**Directions**
The full set of entries is to be printed exactly, with pictures excluded.

### The records ###

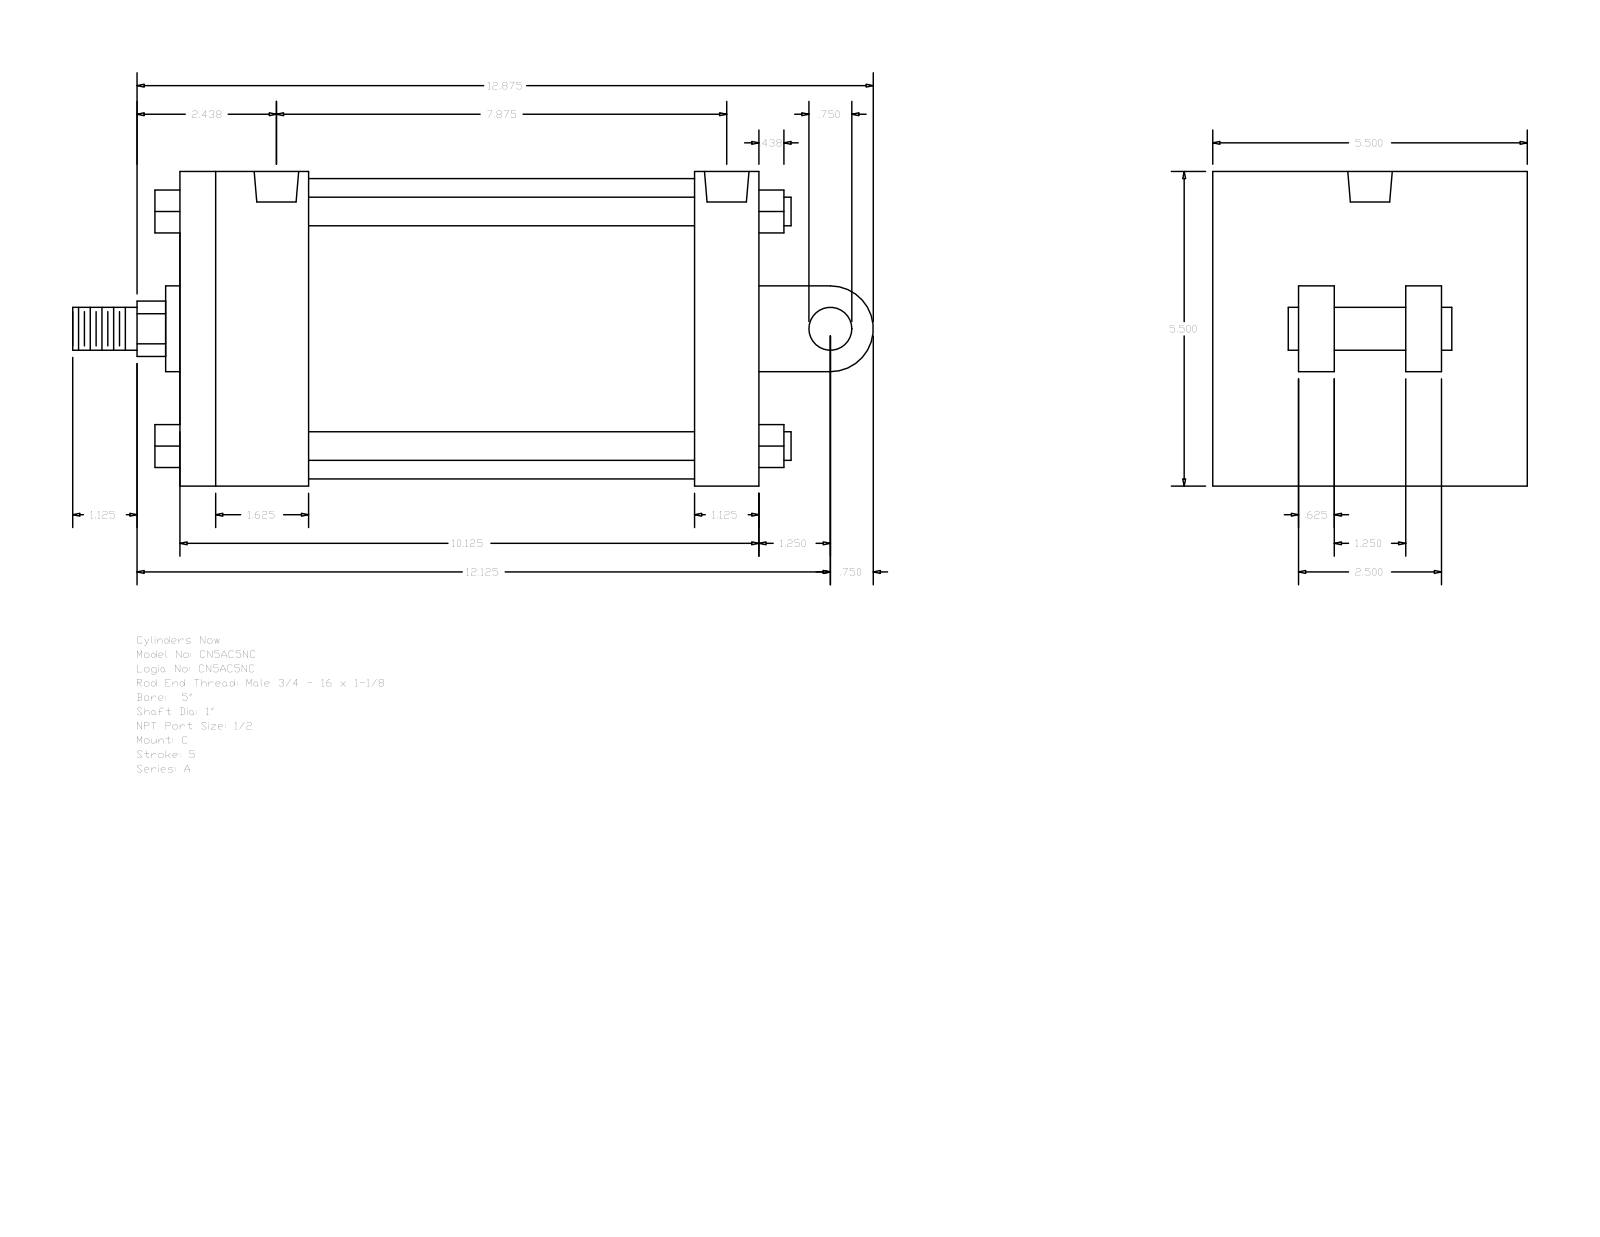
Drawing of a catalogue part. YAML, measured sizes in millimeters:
part_name: "A_C__0500_1"
step_written_by: "GSSL Pune (CONFIG_CONTROL_DESIGN)"
units: millimeters
bodies: {solids: 0, faces: 135, planar: 102, cylindrical: 33, other: 0}
overall_size: [355.6, 139.7, 139.7]
round_holes:
  - {diameter: 8.73, count: 4}
  - {diameter: 19.77, count: 2}
round_bosses_or_shafts:
  - {diameter: 12.7, count: 4}
  - {diameter: 19.05, count: 2}
  - {diameter: 133.35, count: 1}
  - {diameter: 38.1, count: 1}
  - {diameter: 25.4, count: 1}
partial_cylinders:
  - {radius: 12.29, count: 1}
  - {radius: 19.05, count: 1}
face_to_face_distances: [139.7, 257.18, 57.15, 228.6, 171.45, 200.03, 28.58, 38.1, 101.6, 53.97]
hole_center_spacings: [2.39, 195.25, 197.64, 200.03]
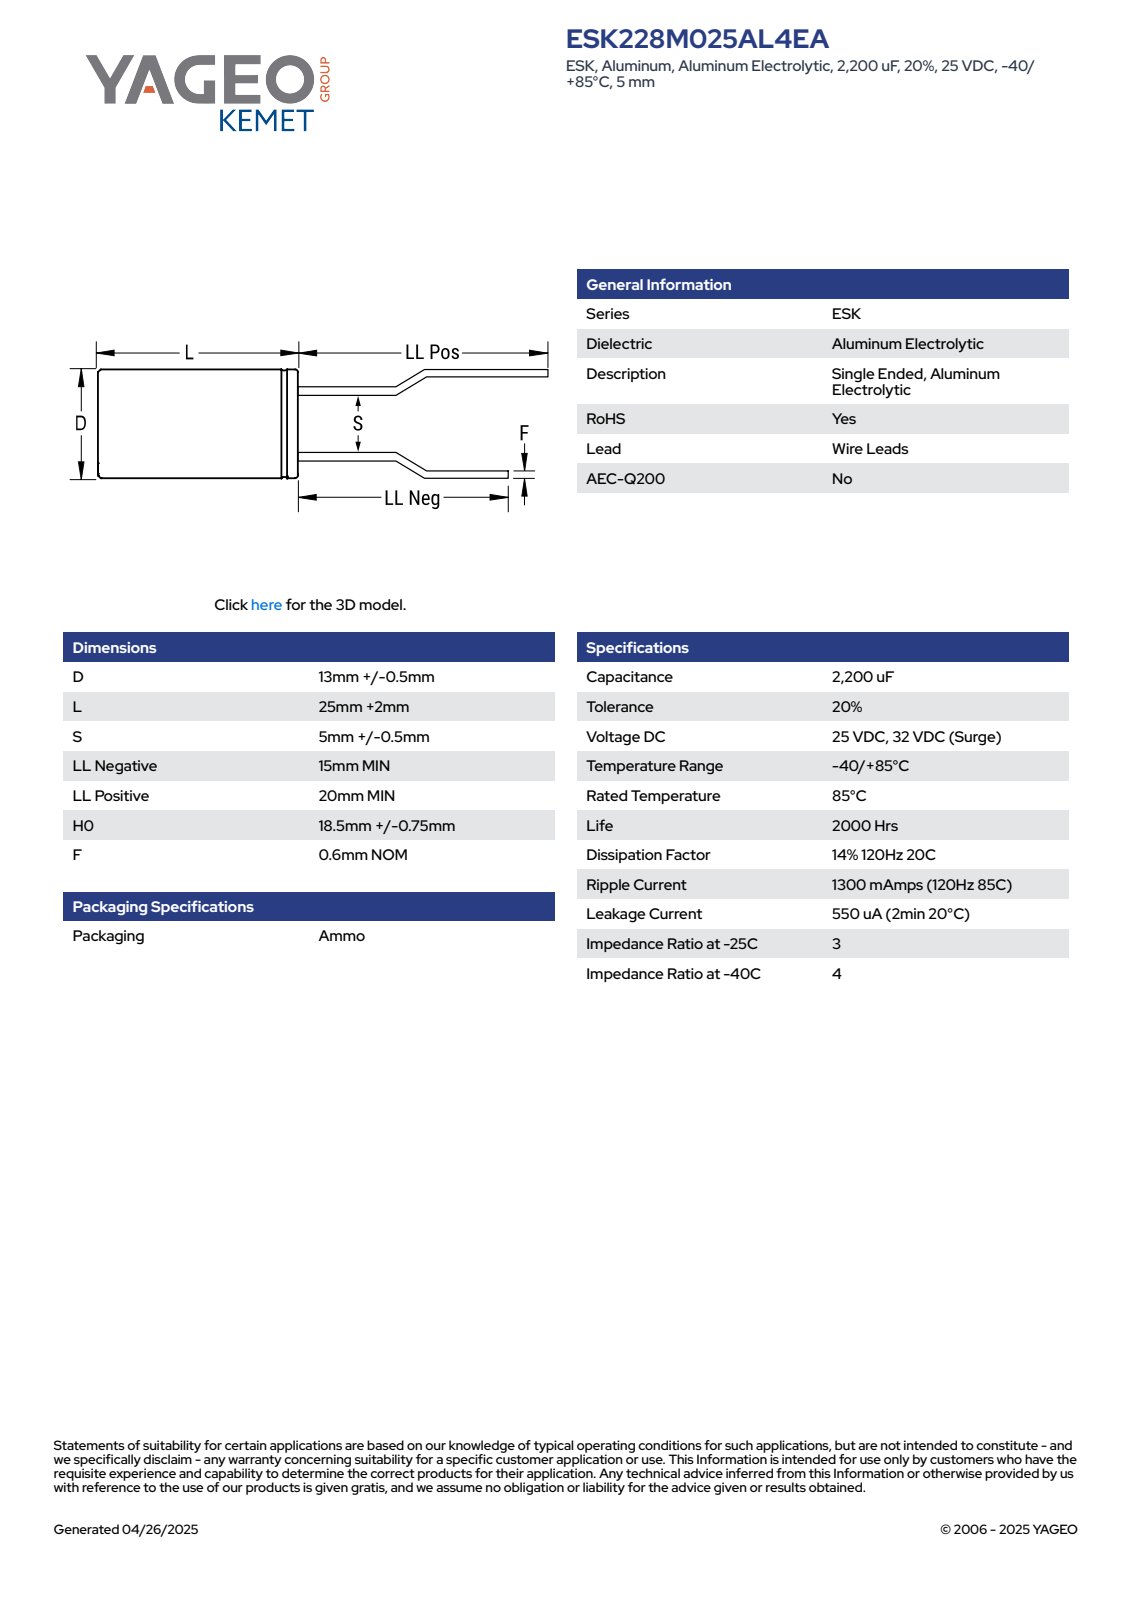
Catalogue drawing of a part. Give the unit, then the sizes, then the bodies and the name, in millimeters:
Units: millimetres
Overall size (bounding box): 47.01 × 13.5 × 13.5
Round bosses / shafts (diameter × count): ⌀0.6 ×2, ⌀13.5 ×1
Main face-to-face distances: 27, 27.01, 42.01, 47.01, 42, 47, 15, 20, 5, 1.6
Volume: 3 849 mm³ · Surface area: 1 538 mm²
Bodies: 4 solids, 73 faces (61 planar, 8 cylindrical, 4 other)
Part name (STEP PRODUCT): CAR_KTRS_13X25_D13.5L27S5F0.6
STEP written by: SolidWorks 2014 (AUTOMOTIVE_DESIGN)
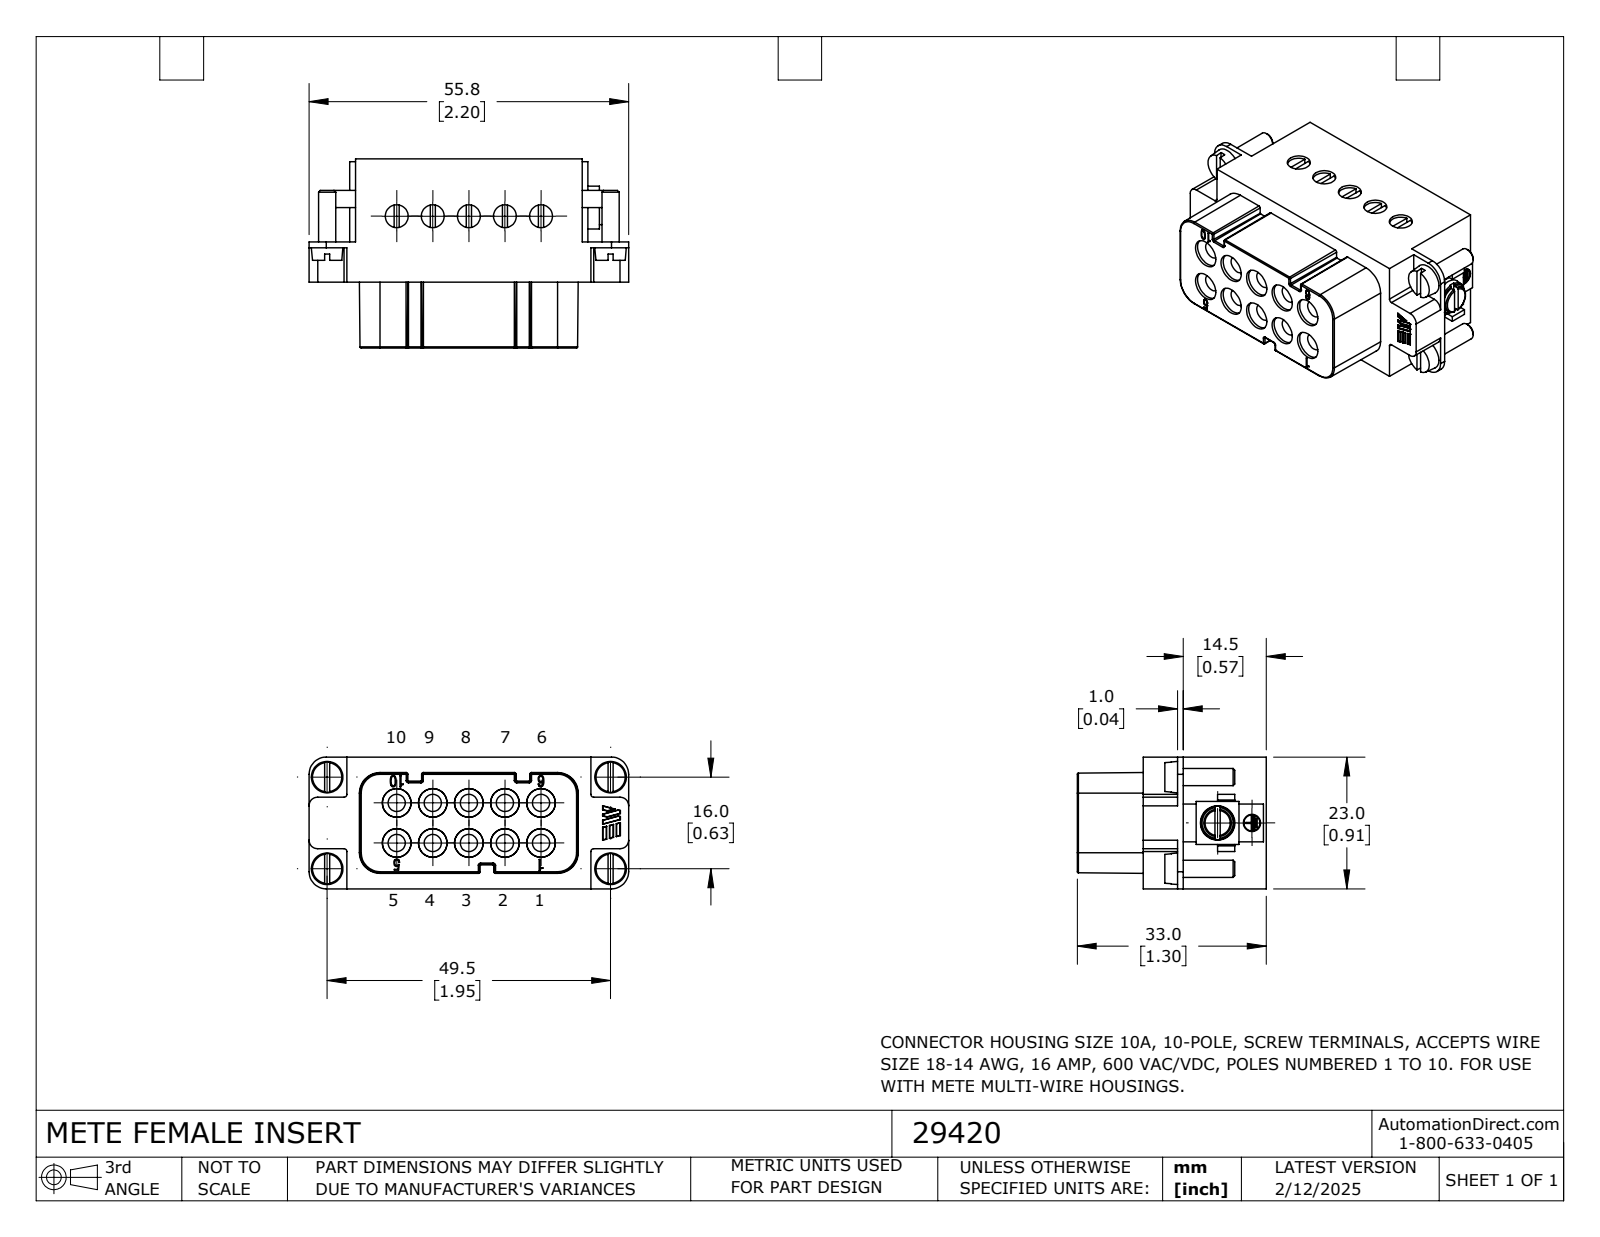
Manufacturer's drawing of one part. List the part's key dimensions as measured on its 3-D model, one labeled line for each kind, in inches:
Part name (STEP PRODUCT): 29420
STEP written by: SolidWorks 2024 (CONFIG_CONTROL_DESIGN)
Units: inches
Bodies: 1 solid, 474 faces (241 planar, 110 cylindrical, 123 other)
Overall size (bounding box): 2.197 × 1.299 × 0.906
Volume: 1.632 in³ · Surface area: 16.48 in²
Round holes (diameter × count): ⌀0.118 ×11, ⌀0.157 ×5
Round bosses / shafts (diameter × count): ⌀0.118 ×4, ⌀0.189 ×1, ⌀0.11 ×1
Partial cylindrical surfaces — rounded edges, fillets, slot ends (radius × count): R0.008 ×12, R0.02 ×4, R0.059 ×4, R0.118 ×4
Main face-to-face distances: 0.906, 0.276, 0.846, 0.453, 1.299, 0.571, 0.728, 0.02, 0.059, 0.039
Hole centre spacings: 0.248, 0.496, 0.371, 0.567, 0.744, 0.276, 0.793, 0.992
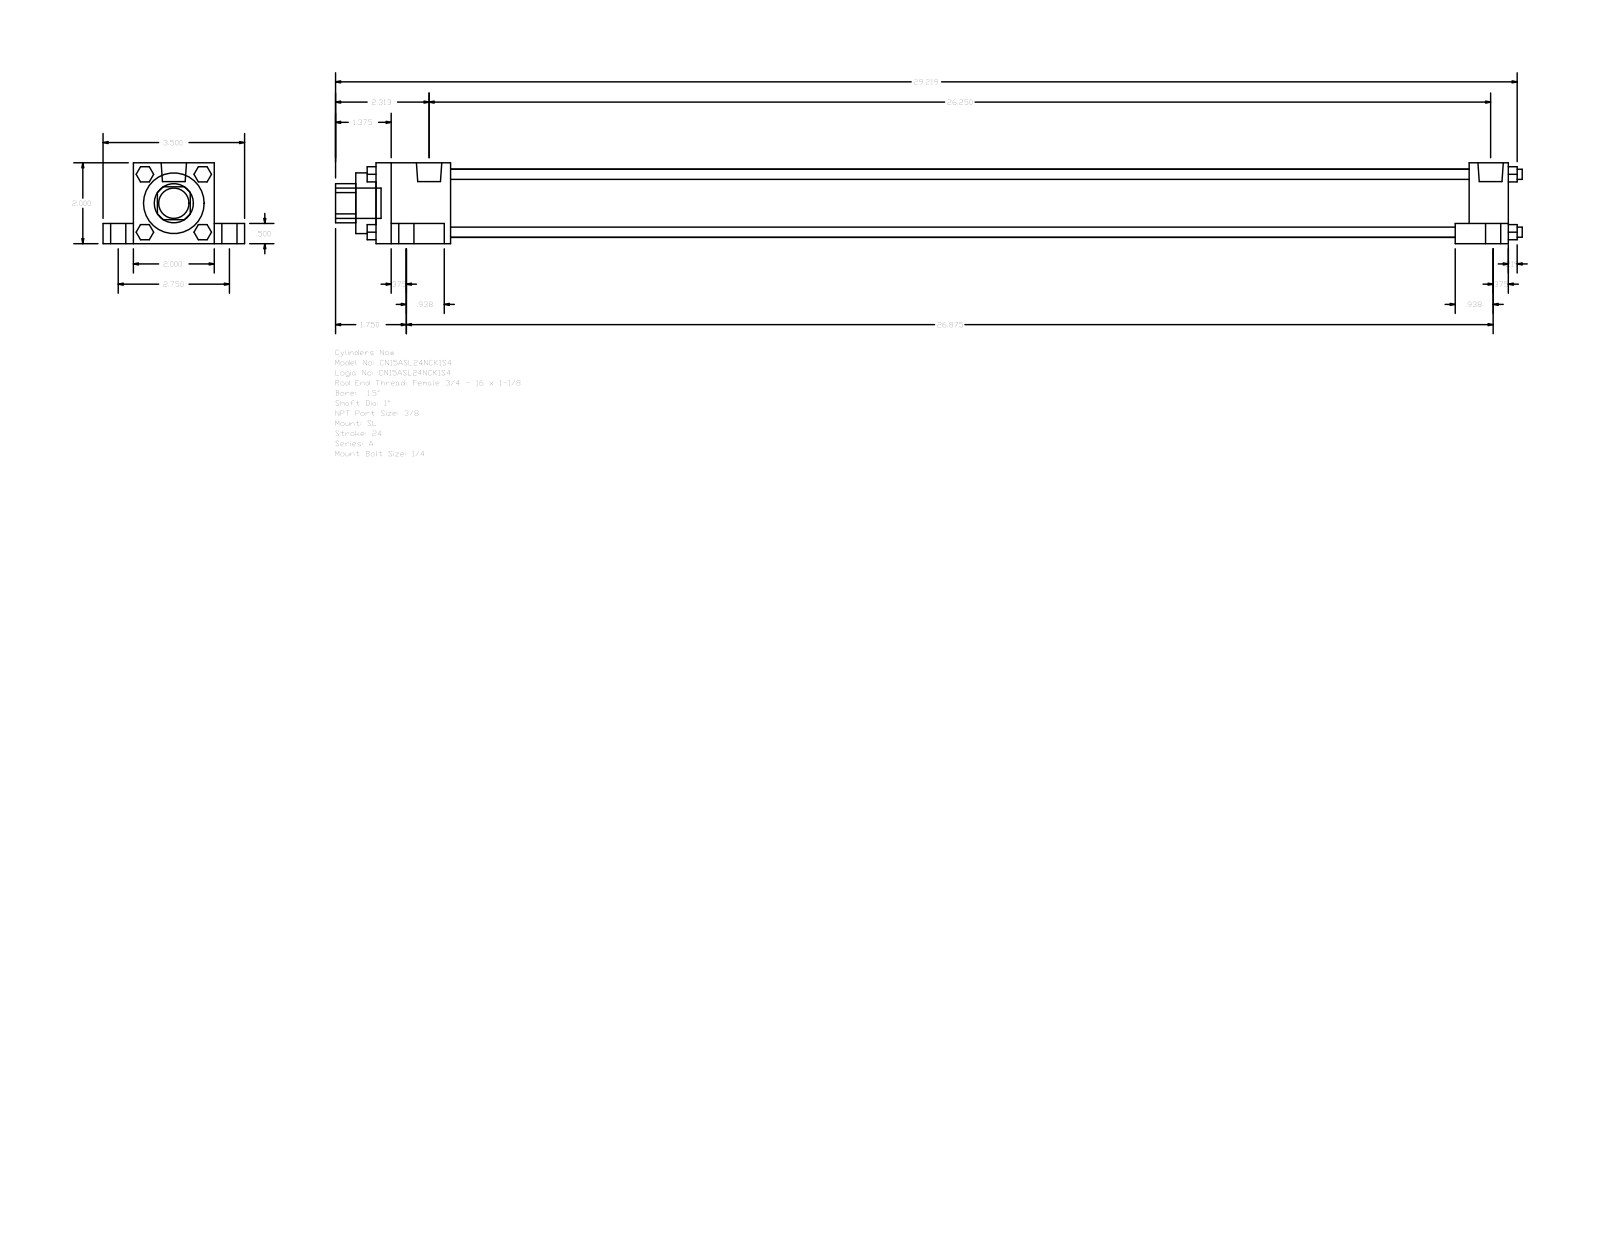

###

**Exercise answer**
Drawing of a catalogue part. YAML, measured sizes in millimeters:
part_name: "A_C__0500_1"
step_written_by: "GSSL Pune (CONFIG_CONTROL_DESIGN)"
units: millimeters
bodies: {solids: 0, faces: 135, planar: 102, cylindrical: 33, other: 0}
overall_size: [355.6, 139.7, 139.7]
round_holes:
  - {diameter: 8.73, count: 4}
  - {diameter: 19.77, count: 2}
round_bosses_or_shafts:
  - {diameter: 12.7, count: 4}
  - {diameter: 19.05, count: 2}
  - {diameter: 133.35, count: 1}
  - {diameter: 38.1, count: 1}
  - {diameter: 25.4, count: 1}
partial_cylinders:
  - {radius: 12.29, count: 1}
  - {radius: 19.05, count: 1}
face_to_face_distances: [139.7, 257.18, 57.15, 228.6, 171.45, 200.03, 28.58, 38.1, 101.6, 53.97]
hole_center_spacings: [2.39, 195.25, 197.64, 200.03]
Catalogue drawing of a part. Give the unit, then the sizes, then the bodies and the name, in millimeters:
Units: millimetres
Overall size (bounding box): 47.01 × 13.5 × 13.5
Round bosses / shafts (diameter × count): ⌀0.6 ×2, ⌀13.5 ×1
Main face-to-face distances: 27, 27.01, 42.01, 47.01, 42, 47, 15, 20, 5, 1.6
Volume: 3 849 mm³ · Surface area: 1 538 mm²
Bodies: 4 solids, 73 faces (61 planar, 8 cylindrical, 4 other)
Part name (STEP PRODUCT): CAR_KTRS_13X25_D13.5L27S5F0.6
STEP written by: SolidWorks 2014 (AUTOMOTIVE_DESIGN)
Manufacturer's drawing of one part. List the part's key dimensions as measured on its 3-D model, one labeled line for each kind, in inches:
Part name (STEP PRODUCT): 29420
STEP written by: SolidWorks 2024 (CONFIG_CONTROL_DESIGN)
Units: inches
Bodies: 1 solid, 474 faces (241 planar, 110 cylindrical, 123 other)
Overall size (bounding box): 2.197 × 1.299 × 0.906
Volume: 1.632 in³ · Surface area: 16.48 in²
Round holes (diameter × count): ⌀0.118 ×11, ⌀0.157 ×5
Round bosses / shafts (diameter × count): ⌀0.118 ×4, ⌀0.189 ×1, ⌀0.11 ×1
Partial cylindrical surfaces — rounded edges, fillets, slot ends (radius × count): R0.008 ×12, R0.02 ×4, R0.059 ×4, R0.118 ×4
Main face-to-face distances: 0.906, 0.276, 0.846, 0.453, 1.299, 0.571, 0.728, 0.02, 0.059, 0.039
Hole centre spacings: 0.248, 0.496, 0.371, 0.567, 0.744, 0.276, 0.793, 0.992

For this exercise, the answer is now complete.